- **Instructions for the task**:
Return the lines below that carry the word "units".

- **Data extracts**:
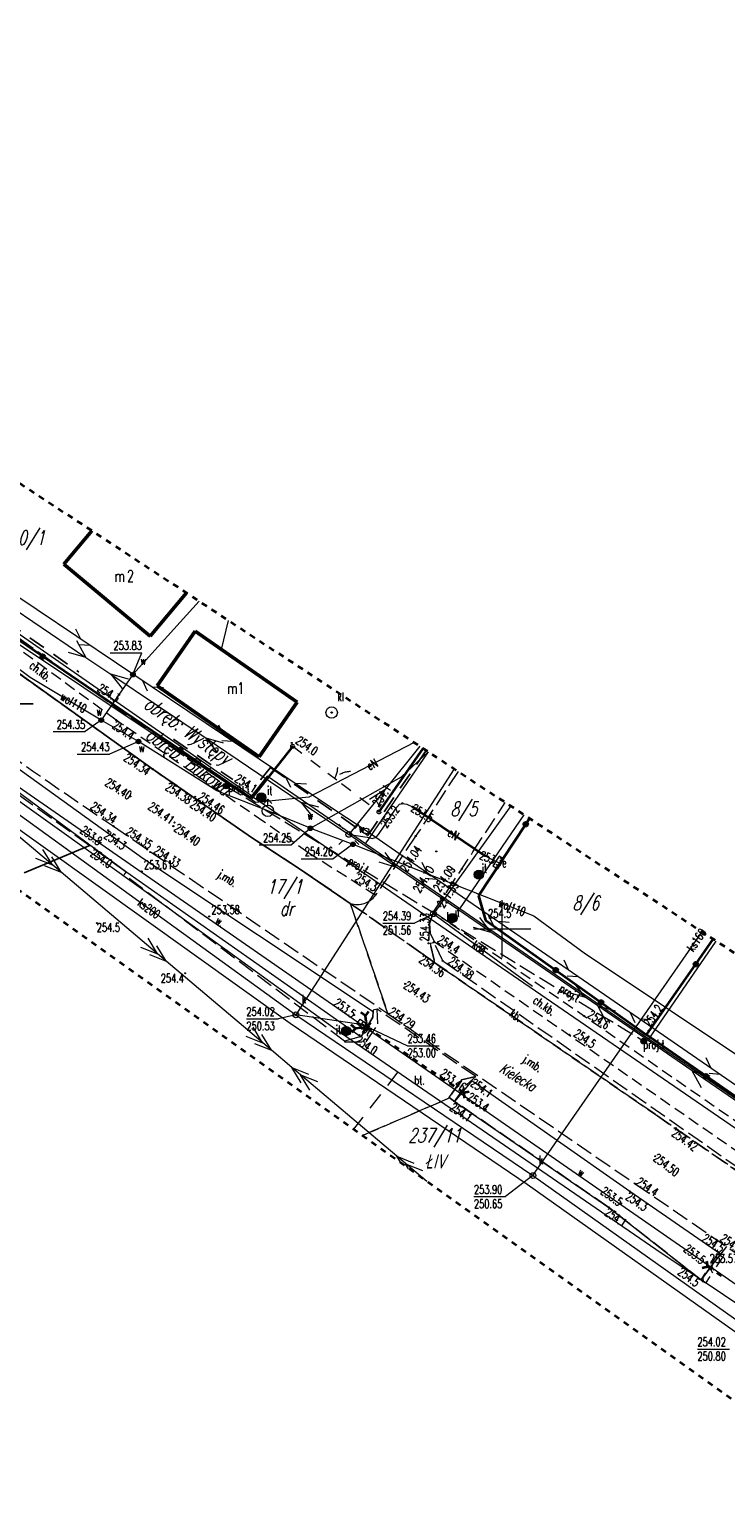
# Model space of a CAD drawing. Header units: metres. Extents: x 7443272 to 7443636, y 5636784 to 5637178.
# Tile 15 of 17: x 7443459 to 7443519, y 5637050 to 5637178. Entities that reach past the tile are written whole.
import ezdxf
from ezdxf.enums import TextEntityAlignment as Align

# ---------------------------------------------------------------- set-up
doc = ezdxf.new("R2010")
doc.units = ezdxf.units.M
doc.header["$MEASUREMENT"] = 0
for name, pattern in [('1', [0]), ('1_OTDN_A', [2, 1, -1]), ('1_OTKC', [1.5, 1, -0.5]), ('1_OTKJ', [2, 1.5, -0.5]), ('1_OTKK', [0]), ('1_OTKR_A', [2, 1, -1]), ('1_OTKU', [2, 1.5, -0.5]), ('1_OTKZ_A', [1, 0.5, -0.5]), ('1_OTOB', [2, 1, -1]), ('1_OTOO', [7.5, 7.5]), ('1_SUEP_A', [0]), ('1_SUKP', [0]), ('1_SULO', [0]), ('1_SUPP_P', [2, 1.5, -0.5]), ('1_SUTP_A', [0]), ('1_SUWP', [0]), ('2_EGBN', [0]), ('2_EGBU_A', [0]), ('2_OTKC', [1.5, 1, -0.5]), ('2_OTKJ', [2, 1.5, -0.5]), ('2_OTKK', [0]), ('2_OTKR', [0]), ('2_OTKU', [2, 1.5, -0.5]), ('2_SUEP_A', [0]), ('2_SUKP', [0]), ('2_SULO', [0]), ('2_SUPP_P', [2, 1.5, -0.5]), ('2_SUTP_A', [0]), ('2_SUWP', [0]), ('3', [1, 0.5, -0.5]), ('3_EGBN', [0]), ('3_EGBU_A', [0]), ('4', [2.5, 1.5, -1]), ('GAO', [2.5, 1.5, -1])]:
    doc.linetypes.add(name, pattern=pattern)
doc.layers.get('0').update_dxf_attribs({"color": 250, "linetype": 'CONTINUOUS', "lineweight": 100})
for name, color, linetype, lineweight, true_color in [('EADOD_T_0', 7, 'CONTINUOUS', 18, 0x7d7d7d), ('OTD_L_12', 7, '1_OTDN_A', 18, 0x7d7d7d), ('OTK_E_T_0', 7, 'CONTINUOUS', 0, 0x7d7d7d), ('OTK_E_T_1', 7, 'CONTINUOUS', 0, 0x7d7d7d), ('OTK_E_T_3', 7, 'CONTINUOUS', 0, 0x7d7d7d), ('OTK_E_T_4', 7, 'CONTINUOUS', 0, 0x7d7d7d), ('OTK_L_0', 7, '1_OTKJ', 18, 0x7d7d7d), ('OTK_L_1', 7, '1_OTKK', 25, 0x7d7d7d), ('OTK_L_2', 7, '1_OTKC', 18, 0x7d7d7d), ('OTK_L_4', 7, '1_OTKU', 18, 0x7d7d7d), ('OTK_L_5', 7, '1_OTKR_A', 18, 0x7d7d7d), ('OTK_L_8', 7, '1_OTKZ_A', 35, 0x7d7d7d), ('OTO_L_0', 7, '1_OTOO', 35, 0x7d7d7d), ('OTO_L_1', 7, '1_OTOB', 18, 0x7d7d7d), ('OTR_T_0', 7, 'CONTINUOUS', 18, 0x7d7d7d), ('OTR_T_1', 7, 'CONTINUOUS', 18, 0x7d7d7d), ('OTZ_E_T_0', 7, 'CONTINUOUS', 0, 0x7d7d7d), ('OTZ_T_2', 7, 'CONTINUOUS', 18, 0x7d7d7d), ('SUE_T_3', 7, 'CONTINUOUS', 18, 0x7d7d7d), ('SUL_L_1', 7, '2_SULO', 35, 0x7d7d7d), ('SUP_E_T_1', 7, 'CONTINUOUS', 0, 0x7d7d7d), ('SUP_T_2', 7, 'CONTINUOUS', 18, 0x7d7d7d), ('SUP_T_4', 7, 'CONTINUOUS', 18, 0x7d7d7d)]:
    doc.layers.add(name, color=color, linetype=linetype, lineweight=lineweight, true_color=true_color)
for name, color, linetype, lineweight in [('EGBB_E_T_0', 7, 'CONTINUOUS', 20), ('EGBB_L_0', 7, '2_EGBU_A', 50), ('EGBC_E_T_0', 7, 'CONTINUOUS', 20), ('EGBC_L_0', 7, '2_EGBN', 18), ('EPGPO_L_0', 3, 'GAO', 25), ('EPGTO_T_0', 3, 'CONTINUOUS', 25), ('EUZOU_T_0', 96, 'CONTINUOUS', 25), ('EUZPU_L_4', 96, '4', 18), ('GRANICE_EWID_L_0', 3, '1', 18), ('KRZYZE_L_0', 7, '1', 0), ('NUMERY_DZIALEK_T_0', 3, 'CONTINUOUS', 25), ('P_SUT_E_T_0', 30, 'CONTINUOUS', 0), ('P_SUT_T_0', 30, 'CONTINUOUS', 18), ('P_SUTP_E_T_0', 30, 'CONTINUOUS', 0), ('P_SUTP_L_0', 30, '2_SUPP_P', 18), ('SUE_E_T_1', 1, 'CONTINUOUS', 0), ('SUE_T_4', 1, 'CONTINUOUS', 18), ('SUEP_E_T_0', 1, 'CONTINUOUS', 0), ('SUEP_L_0', 1, '2_SUEP_A', 18), ('SUER_T_0', 1, 'CONTINUOUS', 18), ('SUK_E_T_2', 34, 'CONTINUOUS', 0), ('SUK_E_T_4', 34, 'CONTINUOUS', 0), ('SUK_T_1', 34, 'CONTINUOUS', 18), ('SUK_T_2', 34, 'CONTINUOUS', 18), ('SUK_T_3', 34, 'CONTINUOUS', 18), ('SUKP_E_T_0', 34, 'CONTINUOUS', 0), ('SUKP_L_0', 34, '2_SUKP', 18), ('SUKR_T_0', 34, 'CONTINUOUS', 18), ('SUTP_L_0', 30, '2_SUTP_A', 18), ('SUW_E_T_2', 5, 'CONTINUOUS', 0), ('SUW_T_2', 5, 'CONTINUOUS', 18), ('SUW_T_5', 5, 'CONTINUOUS', 18), ('SUWP_E_T_0', 5, 'CONTINUOUS', 0), ('SUWP_L_0', 5, '2_SUWP', 18), ('SUWR_T_0', 5, 'CONTINUOUS', 18), ('ZAKRES_L_2', 1, '3', 35)]:
    doc.layers.add(name, color=color, linetype=linetype, lineweight=lineweight)
doc.styles.get("Standard").update_dxf_attribs({"font": 'Simplex.SHX', "width": 0.75})

# ---------------------------------------------------------------- blocks, each defined once
blk = doc.blocks.new('1_SUTK')
at = {"linetype": 'Continuous'}
for radius in [0.25, 0.225, 0.2, 0.175, 0.15, 0.125, 0.1, 0.075, 0.05, 0.025, 0.00715]:
    blk.add_circle((0, 0), radius, dxfattribs=at)
blk = doc.blocks.new('1_SUEO_W')
at = {"linetype": 'Continuous'}
for p, q in [((-0.53035, 0.53035), (-0.8839, 0.8839)), ((0.53035, 0.53035), (0.8839, 0.8839)), ((-0.53035, -0.53035), (-0.8839, -0.8839)), ((0.53035, -0.53035), (0.8839, -0.8839))]:
    blk.add_line(p, q, dxfattribs=at)
blk.add_circle((0, 0), 0.025, dxfattribs=at)
blk = doc.blocks.new('1_SUPP')
at = {"linetype": 'Continuous'}
blk.add_circle((0, 0), 0.25, dxfattribs=at)
blk = doc.blocks.new('1_SUES')
at = {"linetype": 'Continuous'}
for p, q in [((0.5, 0.25), (-0.5, 0.25)), ((-0.5, 0.25), (-0.5, -0.25)), ((0.5, -0.25), (0.5, 0.25)), ((-0.5, -0.25), (0.5, -0.25))]:
    blk.add_line(p, q, dxfattribs=at)
blk = doc.blocks.new('1_SUPS')
at = {"linetype": 'Continuous'}
blk.add_circle((0, 0), 0.0625, dxfattribs=at)
blk = doc.blocks.new('1_SUKK')
at = {"linetype": 'Continuous'}
for p, q in [((-0.5, -0.25), (-0.5, 0.25)), ((-0.5, 0.25), (0.5, 0.25)), ((-0.175, 0.25), (-0.175, -0.25)), ((0.175, 0.25), (0.175, -0.25)), ((0.5, 0.25), (0.5, -0.25)), ((0.5, -0.25), (-0.5, -0.25))]:
    blk.add_line(p, q, dxfattribs=at)
blk = doc.blocks.new('1_SUKM')
at = {"linetype": 'Continuous'}
blk.add_circle((0, 0), 0.5, dxfattribs=at)
blk = doc.blocks.new('1_SUKS')
at = {"linetype": 'Continuous'}
blk.add_circle((0, 0), 0.25, dxfattribs=at)
blk = doc.blocks.new('1_SUPW')
at = {"linetype": 'Continuous'}
blk.add_circle((0, 0), 0.25, dxfattribs=at)
blk = doc.blocks.new('1_SUWH')
at = {"linetype": 'Continuous'}
for p, q in [((0, 1), (-0.35355, 0.64645)), ((0, 1), (0.35355, 0.64645)), ((0, 0.5), (0, 1))]:
    blk.add_line(p, q, dxfattribs=at)
blk.add_circle((0, 0), 0.5, dxfattribs=at)
blk = doc.blocks.new('1_SUWW')
at = {"linetype": 'Continuous'}
for radius in [0.2, 0.175, 0.15, 0.125, 0.1, 0.075, 0.05, 0.025, 0.00715]:
    blk.add_circle((0, 0), radius, dxfattribs=at)
blk = doc.blocks.new('2_OTRN')
at = {"linetype": 'Continuous'}
blk.add_circle((0, 0), 0.045, dxfattribs=at)
blk = doc.blocks.new('2_OTRS')
at = {"linetype": 'Continuous'}
blk.add_circle((0, 0), 0.045, dxfattribs=at)
blk = doc.blocks.new('2_OTZI')
at = {"linetype": 'Continuous'}
for radius in [0.4, 0.375, 0.35, 0.325, 0.3, 0.275, 0.25, 0.225, 0.2, 0.175, 0.15, 0.125, 0.1, 0.075, 0.05, 0.025, 0.005]:
    blk.add_circle((0, 0), radius, dxfattribs=at)

msp = doc.modelspace()

# ---------------------------------------------------------------- linework, layer by layer
at = {"layer": 'EGBB_L_0', "linetype": '3_EGBU_A'}
for p, q in [((7443464.26, 5637134.69), (7443461.82, 5637131.78)), ((7443461.82, 5637131.78), (7443469.32, 5637125.5)), ((7443469.32, 5637125.5), (7443472.49, 5637129.29)), ((7443473.24, 5637125.94), (7443469.93, 5637121.19)), ((7443482.14, 5637119.75), (7443473.24, 5637125.94)), ((7443469.93, 5637121.19), (7443478.84, 5637115)), ((7443478.84, 5637115), (7443482.14, 5637119.75))]:
    msp.add_line(p, q, dxfattribs=at)
at = {"layer": 'EGBC_L_0', "linetype": '3_EGBN'}
for p, q in [((7443464.26, 5637134.69), (7443461.82, 5637131.78)), ((7443461.82, 5637131.78), (7443469.32, 5637125.5)), ((7443469.32, 5637125.5), (7443472.49, 5637129.29))]:
    msp.add_line(p, q, dxfattribs=at)
at = {"layer": 'EPGPO_L_0', "linetype": 'GAO'}
for p, q in [((7443456.8, 5637126.81), (7443463.13, 5637122.38)), ((7443456.8, 5637126.81), (7443463.13, 5637122.38)), ((7443471.35, 5637116.54), (7443476.53, 5637113.02)), ((7443471.35, 5637116.54), (7443476.53, 5637113.02)), ((7443488.29, 5637108.14), (7443493.38, 5637115.55)), ((7443488.29, 5637108.14), (7443493.38, 5637115.55)), ((7443478.95, 5637112.99), (7443479.82, 5637114.05)), ((7443478.95, 5637112.99), (7443479.82, 5637114.05)), ((7443479.82, 5637114.05), (7443488.29, 5637108.14)), ((7443479.82, 5637114.05), (7443488.29, 5637108.14))]:
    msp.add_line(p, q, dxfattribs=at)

- **Task result**:
# Model space of a CAD drawing. Header units: metres. Extents: x 7443272 to 7443636, y 5636784 to 5637178.
doc.units = ezdxf.units.M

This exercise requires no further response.